Вшеноры (Прага), 2012 г.
…Период пражских деревень в судьбе Марины Цветаевой особый, этакий мучительно-нежный. И творческий одновременно. Ведь именно там, в звенящей тиши и среди запахов трав, она как нигде прочувствовала силу своего мастерства нанизывать коротенькие слова на нить чудодейственной рифмы. И, конечно, очередная сильная Любовь, закончившаяся радостью материнства.

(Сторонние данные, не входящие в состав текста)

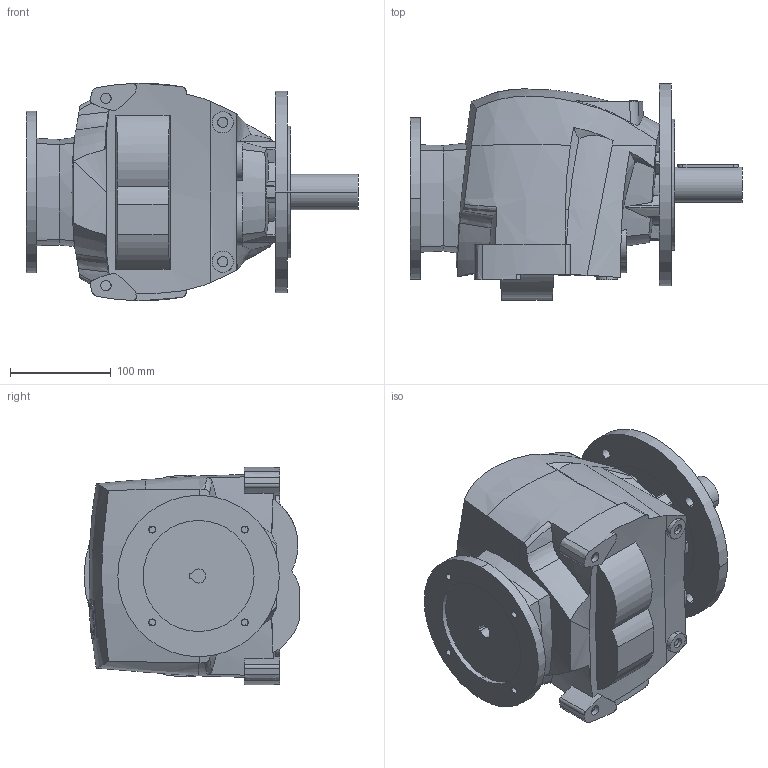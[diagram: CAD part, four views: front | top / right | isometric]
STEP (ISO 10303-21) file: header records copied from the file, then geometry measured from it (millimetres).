
FILE_DESCRIPTION((''),'2;1');
FILE_NAME('R30_200_PAM71_D2','2013-11-22T',('Luca'),(''),'PRO/ENGINEER BY PARAMETRIC TECHNOLOGY CORPORATION, 2008230','PRO/ENGINEER BY PARAMETRIC TECHNOLOGY CORPORATION, 2008230','');
FILE_SCHEMA(('CONFIG_CONTROL_DESIGN'));
Length unit declared in the file: millimetre
Products named in the file (1): R30_200_PAM71_D2
Bounding box: 329 x 214 x 215.22 mm (x, y, z)
Volume: 6601061.7 mm3; surface area: 314534.5 mm2
Topology: 6 solids, 12 shells, 419 faces, 1115 edges, 744 vertices
Faces by surface type: plane 158, cylinder 129, bspline 87, cone 24, extrusion 17, torus 4
Entity records: 17042 total; most frequent: CARTESIAN_POINT 7367, ORIENTED_EDGE 2222, DIRECTION 1613, EDGE_CURVE 1111, VERTEX_POINT 743, AXIS2_PLACEMENT_3D 556, VECTOR 501, LINE 484

Поклонники Марины Ивановны почему-то с некоторым снисхождением относятся к цветаевским «пражским деревенькам», считая их в эмигрантском периоде поэтессы неким промежуточным мостиком между Берлином и Парижем. Но это не так, далеко не так. Жизнь в чешской глубинке (а это более трёх лет – с осени 1922-го до зимы 1925 года) закалили Цветаеву и… успокоили. Цветаева до и Цветаева после, по сути, совсем другой человек и поэт – более самостоятельный и достаточно сильный. И в жизни, и в творчестве потихоньку исчезают наивно-сентиментальные нотки, уступив место мудрости, строгости жанра и меткости пера. И ничего удивительного в том, что жизнь великой поэтессы в деревнях близ Праги позже назовут «болдинской осенью» Марины Цветаевой.